- Born: Louis Wiley Devore September 12, 1910 Los Angeles, California, U.S.
- Died: August 12, 1985 (aged 74) Brownsburg, Indiana, U.S.

Champ Car career
- 18 races run over 12 years
- Best finish: 6th (1938)
- First race: 1937 Indianapolis 500 (Indianapolis)
- Last race: 1949 DuQuoin 100 (DuQuoin)
| Wins | Podiums | Poles |
| 0 | 0 | 0 |

Formula One World Championship career
- Active years: 1950, 1954
- Teams: Scopa, Kurtis Kraft
- Entries: 2 (0 starts)
- Championships: 0
- Wins: 0
- Podiums: 0
- Career points: 0
- Pole positions: 0
- Fastest laps: 0
- First entry: 1950 Indianapolis 500
- Last entry: 1954 Indianapolis 500

= Billy Devore =

American racing driver (1910–1985)

Louis Wiley "Billy" Devore (occasionally spelt DeVore, September 12, 1910 – August 12, 1985) was an American racing driver. He was the son of Indy car racer Earl Devore.

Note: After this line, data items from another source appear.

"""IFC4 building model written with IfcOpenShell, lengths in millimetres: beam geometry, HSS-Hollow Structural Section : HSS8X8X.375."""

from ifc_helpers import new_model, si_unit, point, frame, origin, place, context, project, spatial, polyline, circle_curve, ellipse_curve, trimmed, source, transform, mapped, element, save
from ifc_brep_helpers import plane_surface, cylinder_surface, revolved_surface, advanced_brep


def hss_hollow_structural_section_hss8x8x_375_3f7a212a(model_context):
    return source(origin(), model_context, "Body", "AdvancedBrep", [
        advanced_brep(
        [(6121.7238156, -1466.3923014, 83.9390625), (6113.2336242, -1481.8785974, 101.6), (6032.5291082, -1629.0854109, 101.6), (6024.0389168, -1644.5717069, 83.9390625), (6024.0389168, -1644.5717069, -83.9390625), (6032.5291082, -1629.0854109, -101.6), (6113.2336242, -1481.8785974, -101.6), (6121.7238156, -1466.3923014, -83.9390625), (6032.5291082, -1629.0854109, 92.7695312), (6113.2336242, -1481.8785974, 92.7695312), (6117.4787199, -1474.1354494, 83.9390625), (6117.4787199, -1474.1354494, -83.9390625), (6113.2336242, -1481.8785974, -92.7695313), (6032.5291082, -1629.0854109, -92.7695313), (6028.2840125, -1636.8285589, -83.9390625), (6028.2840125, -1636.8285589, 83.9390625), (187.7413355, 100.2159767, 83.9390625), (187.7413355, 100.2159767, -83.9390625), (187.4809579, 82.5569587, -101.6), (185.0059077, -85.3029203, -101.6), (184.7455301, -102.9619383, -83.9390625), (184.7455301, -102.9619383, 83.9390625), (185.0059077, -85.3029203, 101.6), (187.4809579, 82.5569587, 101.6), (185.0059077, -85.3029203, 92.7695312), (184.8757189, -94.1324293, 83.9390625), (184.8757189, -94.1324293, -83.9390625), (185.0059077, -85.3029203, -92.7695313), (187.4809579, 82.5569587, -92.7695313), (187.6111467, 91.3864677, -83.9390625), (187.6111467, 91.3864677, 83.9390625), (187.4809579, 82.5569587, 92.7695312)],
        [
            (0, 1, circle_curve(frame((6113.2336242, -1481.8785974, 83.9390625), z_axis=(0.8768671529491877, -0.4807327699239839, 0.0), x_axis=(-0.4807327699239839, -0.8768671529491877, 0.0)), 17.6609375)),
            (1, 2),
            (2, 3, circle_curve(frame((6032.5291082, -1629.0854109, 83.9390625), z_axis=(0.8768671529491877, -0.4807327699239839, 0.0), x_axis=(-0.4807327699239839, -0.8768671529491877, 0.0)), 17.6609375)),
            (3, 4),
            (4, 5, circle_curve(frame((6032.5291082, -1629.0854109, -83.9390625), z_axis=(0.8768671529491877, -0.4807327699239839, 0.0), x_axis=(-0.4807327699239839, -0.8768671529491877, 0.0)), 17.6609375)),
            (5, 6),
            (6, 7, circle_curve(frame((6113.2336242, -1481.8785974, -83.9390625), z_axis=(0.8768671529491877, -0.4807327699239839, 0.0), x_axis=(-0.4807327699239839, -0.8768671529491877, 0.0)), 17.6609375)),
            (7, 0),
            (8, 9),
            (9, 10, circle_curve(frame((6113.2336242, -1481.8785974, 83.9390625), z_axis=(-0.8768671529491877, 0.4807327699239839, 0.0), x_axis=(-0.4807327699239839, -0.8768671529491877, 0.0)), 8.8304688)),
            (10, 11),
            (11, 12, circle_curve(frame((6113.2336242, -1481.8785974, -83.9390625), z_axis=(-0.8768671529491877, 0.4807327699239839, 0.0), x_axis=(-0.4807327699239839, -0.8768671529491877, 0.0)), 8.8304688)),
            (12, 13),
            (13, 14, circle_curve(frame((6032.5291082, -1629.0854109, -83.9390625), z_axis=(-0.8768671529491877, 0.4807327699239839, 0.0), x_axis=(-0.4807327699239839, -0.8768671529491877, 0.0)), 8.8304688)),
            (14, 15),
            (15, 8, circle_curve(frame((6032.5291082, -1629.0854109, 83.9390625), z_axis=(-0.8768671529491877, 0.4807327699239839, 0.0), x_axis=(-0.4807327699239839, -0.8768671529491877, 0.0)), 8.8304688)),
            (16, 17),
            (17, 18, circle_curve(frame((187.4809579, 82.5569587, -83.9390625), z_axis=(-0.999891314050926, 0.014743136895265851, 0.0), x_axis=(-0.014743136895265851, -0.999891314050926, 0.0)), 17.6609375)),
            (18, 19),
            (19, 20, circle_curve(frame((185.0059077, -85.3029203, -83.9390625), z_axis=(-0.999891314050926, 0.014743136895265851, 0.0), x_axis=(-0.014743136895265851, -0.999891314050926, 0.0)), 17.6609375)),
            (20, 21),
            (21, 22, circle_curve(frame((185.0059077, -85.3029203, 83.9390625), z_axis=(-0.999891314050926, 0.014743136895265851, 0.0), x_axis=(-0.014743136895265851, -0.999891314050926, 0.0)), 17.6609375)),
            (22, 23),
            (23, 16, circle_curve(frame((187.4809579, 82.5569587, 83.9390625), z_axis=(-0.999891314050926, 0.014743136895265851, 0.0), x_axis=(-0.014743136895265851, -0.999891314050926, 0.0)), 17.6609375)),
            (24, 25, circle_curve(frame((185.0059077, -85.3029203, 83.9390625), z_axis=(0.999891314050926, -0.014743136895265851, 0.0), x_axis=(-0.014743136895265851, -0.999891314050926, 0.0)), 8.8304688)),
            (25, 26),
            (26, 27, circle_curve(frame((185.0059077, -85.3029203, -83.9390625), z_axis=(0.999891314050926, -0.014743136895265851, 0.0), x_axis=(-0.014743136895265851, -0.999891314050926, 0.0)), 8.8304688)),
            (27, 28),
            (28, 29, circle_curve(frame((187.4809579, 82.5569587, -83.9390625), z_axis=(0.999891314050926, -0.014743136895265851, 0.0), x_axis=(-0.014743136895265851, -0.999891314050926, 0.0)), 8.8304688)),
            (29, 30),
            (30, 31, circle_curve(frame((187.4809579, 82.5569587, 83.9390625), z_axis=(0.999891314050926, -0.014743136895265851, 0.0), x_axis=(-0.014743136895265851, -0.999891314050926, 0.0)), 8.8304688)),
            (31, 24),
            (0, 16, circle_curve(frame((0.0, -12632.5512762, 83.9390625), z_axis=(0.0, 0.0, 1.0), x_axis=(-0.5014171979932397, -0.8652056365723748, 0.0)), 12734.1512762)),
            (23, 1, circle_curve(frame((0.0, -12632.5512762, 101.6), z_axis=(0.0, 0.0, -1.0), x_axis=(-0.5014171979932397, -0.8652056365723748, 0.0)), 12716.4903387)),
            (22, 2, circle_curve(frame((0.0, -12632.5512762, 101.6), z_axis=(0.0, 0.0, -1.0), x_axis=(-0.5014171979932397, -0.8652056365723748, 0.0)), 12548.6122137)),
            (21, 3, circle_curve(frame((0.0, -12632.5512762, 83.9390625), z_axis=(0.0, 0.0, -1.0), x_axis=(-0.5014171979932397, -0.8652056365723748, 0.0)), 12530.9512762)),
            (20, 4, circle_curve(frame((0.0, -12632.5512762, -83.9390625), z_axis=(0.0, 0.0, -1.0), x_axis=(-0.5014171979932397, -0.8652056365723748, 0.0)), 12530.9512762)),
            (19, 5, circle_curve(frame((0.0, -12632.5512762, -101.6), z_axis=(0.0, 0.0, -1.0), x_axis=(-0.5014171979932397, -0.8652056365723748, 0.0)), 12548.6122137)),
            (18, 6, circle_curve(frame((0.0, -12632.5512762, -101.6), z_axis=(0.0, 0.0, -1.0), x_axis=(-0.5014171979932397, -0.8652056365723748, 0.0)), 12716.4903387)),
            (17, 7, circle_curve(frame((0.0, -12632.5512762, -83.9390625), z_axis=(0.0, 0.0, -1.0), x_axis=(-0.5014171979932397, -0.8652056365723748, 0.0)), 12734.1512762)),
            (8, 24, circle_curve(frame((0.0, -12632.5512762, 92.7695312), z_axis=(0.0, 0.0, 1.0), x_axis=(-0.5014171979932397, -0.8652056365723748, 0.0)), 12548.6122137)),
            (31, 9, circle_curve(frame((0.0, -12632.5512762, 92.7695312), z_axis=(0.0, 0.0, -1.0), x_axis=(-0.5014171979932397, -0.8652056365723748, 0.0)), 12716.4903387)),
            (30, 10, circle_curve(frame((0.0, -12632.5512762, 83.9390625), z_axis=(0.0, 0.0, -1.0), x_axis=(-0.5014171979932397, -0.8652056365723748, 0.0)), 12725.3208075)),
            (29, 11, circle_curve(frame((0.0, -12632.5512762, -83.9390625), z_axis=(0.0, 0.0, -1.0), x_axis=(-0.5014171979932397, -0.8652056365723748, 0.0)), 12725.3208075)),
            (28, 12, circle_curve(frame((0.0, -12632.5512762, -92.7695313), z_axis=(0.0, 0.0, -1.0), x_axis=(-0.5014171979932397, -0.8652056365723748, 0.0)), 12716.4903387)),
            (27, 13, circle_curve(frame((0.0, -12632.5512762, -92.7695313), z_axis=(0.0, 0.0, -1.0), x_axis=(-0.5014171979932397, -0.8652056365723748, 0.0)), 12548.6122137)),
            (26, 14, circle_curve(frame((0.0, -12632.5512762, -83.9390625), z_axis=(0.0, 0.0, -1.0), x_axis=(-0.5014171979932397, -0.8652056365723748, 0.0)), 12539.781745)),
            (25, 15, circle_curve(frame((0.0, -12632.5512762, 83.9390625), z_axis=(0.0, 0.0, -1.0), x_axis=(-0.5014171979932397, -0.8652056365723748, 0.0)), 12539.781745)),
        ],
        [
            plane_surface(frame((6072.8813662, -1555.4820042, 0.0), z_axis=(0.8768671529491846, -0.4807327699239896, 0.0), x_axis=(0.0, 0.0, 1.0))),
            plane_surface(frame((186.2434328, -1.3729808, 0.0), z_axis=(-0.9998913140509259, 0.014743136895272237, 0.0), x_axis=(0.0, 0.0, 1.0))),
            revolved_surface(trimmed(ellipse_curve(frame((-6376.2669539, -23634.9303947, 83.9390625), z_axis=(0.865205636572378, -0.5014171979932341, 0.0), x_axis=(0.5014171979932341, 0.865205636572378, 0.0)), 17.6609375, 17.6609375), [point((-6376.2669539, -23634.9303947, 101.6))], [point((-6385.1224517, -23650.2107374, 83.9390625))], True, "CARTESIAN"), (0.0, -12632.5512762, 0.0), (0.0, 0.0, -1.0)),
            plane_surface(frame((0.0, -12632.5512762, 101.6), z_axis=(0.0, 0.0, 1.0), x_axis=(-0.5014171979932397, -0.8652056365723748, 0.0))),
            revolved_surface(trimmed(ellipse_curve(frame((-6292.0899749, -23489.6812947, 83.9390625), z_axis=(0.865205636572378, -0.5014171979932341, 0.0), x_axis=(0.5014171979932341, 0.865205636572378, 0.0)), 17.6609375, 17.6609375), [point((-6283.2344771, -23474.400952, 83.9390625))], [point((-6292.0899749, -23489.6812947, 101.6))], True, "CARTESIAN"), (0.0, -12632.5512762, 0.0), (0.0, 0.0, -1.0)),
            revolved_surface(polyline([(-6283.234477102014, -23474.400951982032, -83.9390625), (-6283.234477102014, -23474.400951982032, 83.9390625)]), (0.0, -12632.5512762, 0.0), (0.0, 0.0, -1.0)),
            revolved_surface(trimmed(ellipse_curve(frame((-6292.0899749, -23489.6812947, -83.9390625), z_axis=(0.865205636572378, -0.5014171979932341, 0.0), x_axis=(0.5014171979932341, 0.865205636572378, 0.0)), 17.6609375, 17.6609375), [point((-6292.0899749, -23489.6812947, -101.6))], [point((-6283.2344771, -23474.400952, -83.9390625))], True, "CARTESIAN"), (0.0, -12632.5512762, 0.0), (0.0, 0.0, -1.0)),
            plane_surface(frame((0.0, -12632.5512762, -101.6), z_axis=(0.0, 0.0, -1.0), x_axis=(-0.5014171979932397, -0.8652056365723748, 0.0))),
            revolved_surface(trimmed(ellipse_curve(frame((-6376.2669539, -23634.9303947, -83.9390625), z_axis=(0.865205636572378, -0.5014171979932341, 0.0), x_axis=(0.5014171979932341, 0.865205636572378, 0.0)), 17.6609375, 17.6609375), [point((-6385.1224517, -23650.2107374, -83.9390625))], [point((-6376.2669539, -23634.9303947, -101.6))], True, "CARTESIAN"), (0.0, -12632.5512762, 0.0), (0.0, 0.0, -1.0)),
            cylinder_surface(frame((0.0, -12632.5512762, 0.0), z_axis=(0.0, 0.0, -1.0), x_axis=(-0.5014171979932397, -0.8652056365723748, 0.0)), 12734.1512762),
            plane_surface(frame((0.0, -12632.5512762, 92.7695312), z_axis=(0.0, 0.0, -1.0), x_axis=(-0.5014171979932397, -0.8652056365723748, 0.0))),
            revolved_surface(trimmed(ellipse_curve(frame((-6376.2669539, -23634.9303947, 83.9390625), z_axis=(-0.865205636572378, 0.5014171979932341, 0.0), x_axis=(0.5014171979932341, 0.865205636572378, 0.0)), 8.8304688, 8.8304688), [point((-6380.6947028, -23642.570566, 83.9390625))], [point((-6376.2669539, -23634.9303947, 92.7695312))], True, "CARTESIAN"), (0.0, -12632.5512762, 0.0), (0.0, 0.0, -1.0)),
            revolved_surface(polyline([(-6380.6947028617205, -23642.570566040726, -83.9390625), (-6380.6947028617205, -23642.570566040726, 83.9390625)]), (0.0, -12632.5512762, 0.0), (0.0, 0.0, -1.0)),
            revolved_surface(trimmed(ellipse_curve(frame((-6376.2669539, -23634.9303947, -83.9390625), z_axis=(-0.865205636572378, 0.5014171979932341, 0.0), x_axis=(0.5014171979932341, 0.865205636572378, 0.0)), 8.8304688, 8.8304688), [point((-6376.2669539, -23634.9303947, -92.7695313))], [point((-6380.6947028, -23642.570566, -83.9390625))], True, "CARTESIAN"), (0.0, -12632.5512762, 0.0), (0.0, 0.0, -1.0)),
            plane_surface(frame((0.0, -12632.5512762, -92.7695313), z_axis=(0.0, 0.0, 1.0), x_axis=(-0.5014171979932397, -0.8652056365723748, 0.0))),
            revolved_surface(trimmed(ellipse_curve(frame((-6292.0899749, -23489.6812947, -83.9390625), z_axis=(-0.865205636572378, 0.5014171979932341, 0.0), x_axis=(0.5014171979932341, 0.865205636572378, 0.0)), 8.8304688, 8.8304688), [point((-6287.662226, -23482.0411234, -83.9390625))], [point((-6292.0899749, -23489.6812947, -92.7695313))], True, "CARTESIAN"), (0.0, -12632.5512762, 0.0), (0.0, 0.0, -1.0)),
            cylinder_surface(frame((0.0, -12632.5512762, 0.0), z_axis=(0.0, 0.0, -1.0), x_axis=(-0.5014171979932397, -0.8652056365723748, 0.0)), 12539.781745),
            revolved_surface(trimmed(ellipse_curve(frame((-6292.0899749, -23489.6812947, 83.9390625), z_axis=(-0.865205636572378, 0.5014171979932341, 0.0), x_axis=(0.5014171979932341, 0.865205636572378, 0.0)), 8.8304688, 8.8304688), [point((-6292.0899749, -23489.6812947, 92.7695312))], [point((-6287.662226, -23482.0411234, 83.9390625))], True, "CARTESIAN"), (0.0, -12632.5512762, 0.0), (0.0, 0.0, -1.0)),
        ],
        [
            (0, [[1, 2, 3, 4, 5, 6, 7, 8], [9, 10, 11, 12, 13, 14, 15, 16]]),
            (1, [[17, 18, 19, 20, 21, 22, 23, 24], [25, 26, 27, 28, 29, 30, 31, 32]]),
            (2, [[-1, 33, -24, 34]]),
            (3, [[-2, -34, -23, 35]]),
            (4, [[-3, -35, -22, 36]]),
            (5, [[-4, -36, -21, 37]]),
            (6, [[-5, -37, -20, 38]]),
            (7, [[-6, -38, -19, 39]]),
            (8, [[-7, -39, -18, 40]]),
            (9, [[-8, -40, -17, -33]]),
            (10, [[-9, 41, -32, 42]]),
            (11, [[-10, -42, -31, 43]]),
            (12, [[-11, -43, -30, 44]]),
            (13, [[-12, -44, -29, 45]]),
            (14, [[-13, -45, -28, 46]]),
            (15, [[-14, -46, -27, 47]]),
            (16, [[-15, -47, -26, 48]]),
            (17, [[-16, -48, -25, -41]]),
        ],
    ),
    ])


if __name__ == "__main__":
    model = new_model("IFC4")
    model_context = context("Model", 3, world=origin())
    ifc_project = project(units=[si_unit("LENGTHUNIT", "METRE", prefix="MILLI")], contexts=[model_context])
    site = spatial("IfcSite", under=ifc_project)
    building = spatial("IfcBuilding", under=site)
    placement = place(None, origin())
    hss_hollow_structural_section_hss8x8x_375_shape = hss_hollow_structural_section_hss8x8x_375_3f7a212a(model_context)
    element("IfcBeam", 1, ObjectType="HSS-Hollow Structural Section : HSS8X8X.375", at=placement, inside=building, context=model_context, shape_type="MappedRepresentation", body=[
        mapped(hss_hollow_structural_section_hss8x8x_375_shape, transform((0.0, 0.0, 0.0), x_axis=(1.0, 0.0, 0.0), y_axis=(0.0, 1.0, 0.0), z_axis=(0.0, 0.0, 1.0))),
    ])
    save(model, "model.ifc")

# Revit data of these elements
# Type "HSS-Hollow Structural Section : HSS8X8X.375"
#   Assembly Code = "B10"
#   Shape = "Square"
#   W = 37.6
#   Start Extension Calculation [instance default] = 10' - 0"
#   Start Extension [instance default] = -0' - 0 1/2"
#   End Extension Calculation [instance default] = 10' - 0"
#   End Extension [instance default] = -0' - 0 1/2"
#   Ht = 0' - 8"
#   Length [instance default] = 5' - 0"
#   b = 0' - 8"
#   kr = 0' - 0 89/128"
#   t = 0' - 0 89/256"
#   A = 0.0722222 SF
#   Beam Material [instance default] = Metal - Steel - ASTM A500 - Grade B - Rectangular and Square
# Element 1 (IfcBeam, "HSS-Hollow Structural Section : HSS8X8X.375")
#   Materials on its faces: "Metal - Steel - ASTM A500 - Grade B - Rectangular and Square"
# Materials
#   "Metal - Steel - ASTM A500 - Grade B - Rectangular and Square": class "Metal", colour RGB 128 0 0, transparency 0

== World Drivers' Championship career ==

The AAA/USAC-sanctioned Indianapolis 500 was included in the FIA World Drivers' Championship from 1950 through 1960. Drivers competing at Indianapolis during those years were credited with World Drivers' Championship participation, and were eligible to score WDC points alongside those which they may have scored towards the AAA/USAC National Championship.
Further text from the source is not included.